Save and Load models¶
Work with a TF Checkpoint¶
The ModelSaver
callback saves the model to the directory defined by logger.get_logger_dir()
,
in TensorFlow checkpoint format.
A TF checkpoint typically includes a .data-xxxxx
file and a .index
file.
Both are necessary.
tf.train.NewCheckpointReader
is the offical tool to parse TensorFlow checkpoint.
Read TF docs for details.
Tensorpack also provides a small tool to load checkpoints, see
load_chkpt_vars
for details.
scripts/ls-checkpoint.py demos how to print all variables and their shapes in a checkpoint.
Tensorpack includes another tool to save variables to TF checkpoint, see save_chkpt_vars.
Work with .npz Files in the Model Zoo¶
Most models provided by tensorpack are in npz (dictionary) format,
because it’s easy to use without TF dependency.
You can read/write them with np.load
and np.savez
.
scripts/dump-model-params.py can be used to remove unnecessary variables in a checkpoint
and save results to a npz.
It takes a metagraph file (which is also saved by ModelSaver
) and only saves variables that the model needs at inference time.
It dumps the model to a var-name: value
dict saved in npz format.
Load a Model to a Session¶
Model loading (in both training and inference) is through the session_init
interface.
For training, use session_init
in TrainConfig(...)
or Trainer.train(...)
.
For inference, use session_init
in PredictConfig(...)
.
There are a few ways a session can be initialized:
session_init=SmartInit("path/to/checkpoint") # load a TF checkpoint
session_init=SmartInit("path/to/model_zoo.npz") # load tensorpack model zoo
session_init=SmartInit(dict_of_parameters) # load a dictionary
session_init=SmartInit(["path1", dict2]) # load them sequentially
SmartInit is in fact a small helper which uses some heuristics to return you one of SaverRestore or DictRestore. They are responsible for the actual initialization work.

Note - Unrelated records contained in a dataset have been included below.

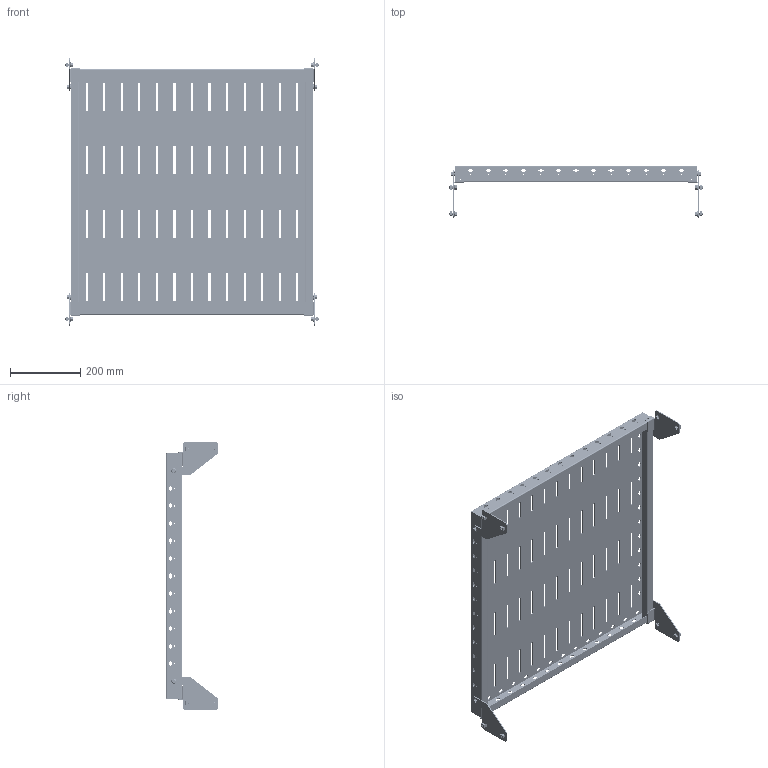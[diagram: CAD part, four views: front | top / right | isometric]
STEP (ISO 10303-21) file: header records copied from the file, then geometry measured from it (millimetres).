
FILE_DESCRIPTION (( 'STEP AP203' ), '1' );
FILE_NAME ('R5RFE88.STEP', '2022-06-29T08:42:40', ( '' ), ( '' ), 'SwSTEP 2.0', 'SolidWorks 2020', '' );
FILE_SCHEMA (( 'CONFIG_CONTROL_DESIGN' ));
Length unit declared in the file: millimetre
Products named in the file (7): Ì6 D87181 Zinc_In a tightened position (1.5 mm); RB.1704.00.00.0_- 01; M6x16 DIN 6921 cl.8,8 Zinc_thread; R5RFE88; M6 A3400002 Zinc_thread; RB.2364.00.00.0_07; RB.1704.00.00.0_-00
Assembly tree (29 placements, depth 2):
  R5RFE88
    RB.2364.00.00.0_07
    RB.1704.00.00.0_- 01  x2
    M6 A3400002 Zinc_thread  x8
    M6x16 DIN 6921 cl.8,8 Zinc_thread  x12
    RB.1704.00.00.0_-00  x2
    Ì6 D87181 Zinc_In a tightened position (1.5 mm)  x4
Bounding box: 726 x 148.6 x 765 mm (x, y, z)
Volume: 1429649 mm3; surface area: 1439483.4 mm2
Topology: 29 solids, 29 shells, 5626 faces, 15592 edges, 9972 vertices
Faces by surface type: cylinder 2324, plane 1914, cone 1076, bspline 216, torus 96
Entity records: 94538 total; most frequent: CARTESIAN_POINT 18553, DIRECTION 15983, ORIENTED_EDGE 15740, EDGE_CURVE 7870, AXIS2_PLACEMENT_3D 5667, VERTEX_POINT 5159, LINE 4649, VECTOR 4649
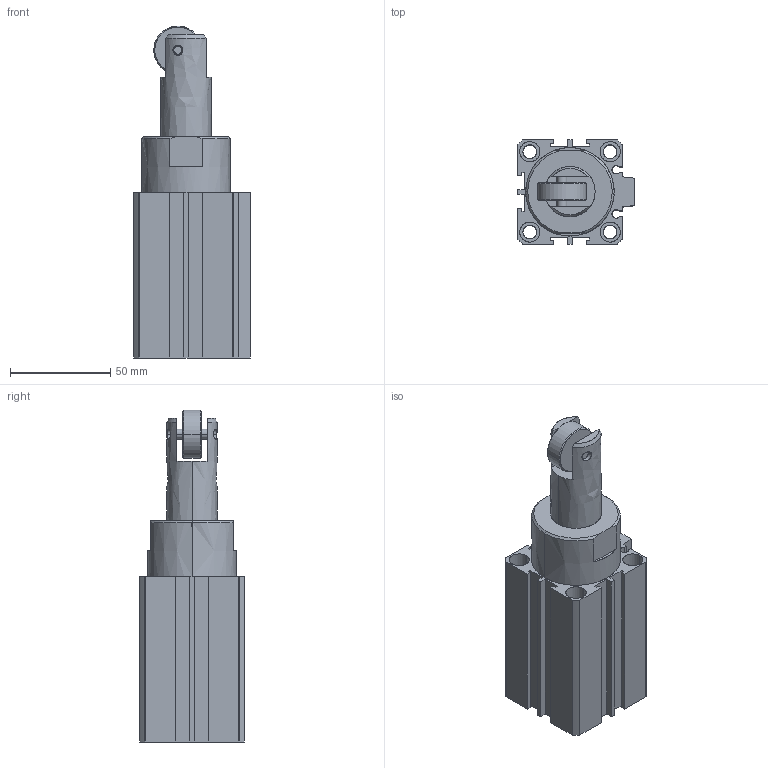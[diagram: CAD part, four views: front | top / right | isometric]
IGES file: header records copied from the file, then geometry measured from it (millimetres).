
Start section: SolidWorks IGES file using analytic representation for surfaces
Global section: file name: C:\Documents and Settings\admin\Bureau\stage de yaya\Plan Philippe Pince\PINCE\VUSB\pièces en 3D\VUSB STEP\ELOC-3DWG\ELOC-40-30-TIGE SORTIE.dwg.IGS; native system: SolidWorks 2007; preprocessor: SolidWorks 2007; author: admin; date: 080331.090456; units: millimetre
Bounding box: 58 x 52 x 165.2 mm (x, y, z)
Surface area: 57303.7 mm2 (no closed solid volume)
Topology: 0 solids, 0 shells, 848 faces, 10538 edges, 10576 vertices
Faces by surface type: bspline 775, revolution 73

Whatever you use in session_init
, this is what happens during the initialization:
Variable restoring is completely based on exact name match between variables in the current graph and variables in the
session_init
initializer.Variables that appear in only one side will be printed as warning.
Variables of the same name but incompatible shapes will cause exceptions. If you set
ignore_mismatch=True
, then such errors will only be printed as warnings.
You can also use SmartInit
to load a model to a session manually,
without involving the rest of the tensorpack, by SmartInit(...).init(session)
.
Transfer Learning¶
Therefore, transfer learning is trivial.
If you want to load a pre-trained model, just use the same variable names. If you want to re-train some layer, either rename the variables in the graph, or rename/remove the variables in your loader.
Resume Training¶
“Resume training” is mostly just “loading the last known checkpoint”. To load a model, you should refer to the previous section: Load a Model to a Session.
Note
A checkpoint does not resume everything!
Loading the checkpoint does most of the work in “resume trainig”, but note that TensorFlow checkpoint only saves TensorFlow variables, which means other Python state that are not TensorFlow variables will not be saved and resumed. This means:
Training epoch number will not be resumed. You can set it by providing a
starting_epoch
to yourTrainConfig
.State in your callbacks will not be resumed. Certain callbacks maintain a state (e.g., current best accuracy) in Python, which cannot be saved automatically.
The AutoResumeTrainConfig
is an alternative of TrainConfig
which applies some heuristics to load the lastest epoch number and lastest checkpoint.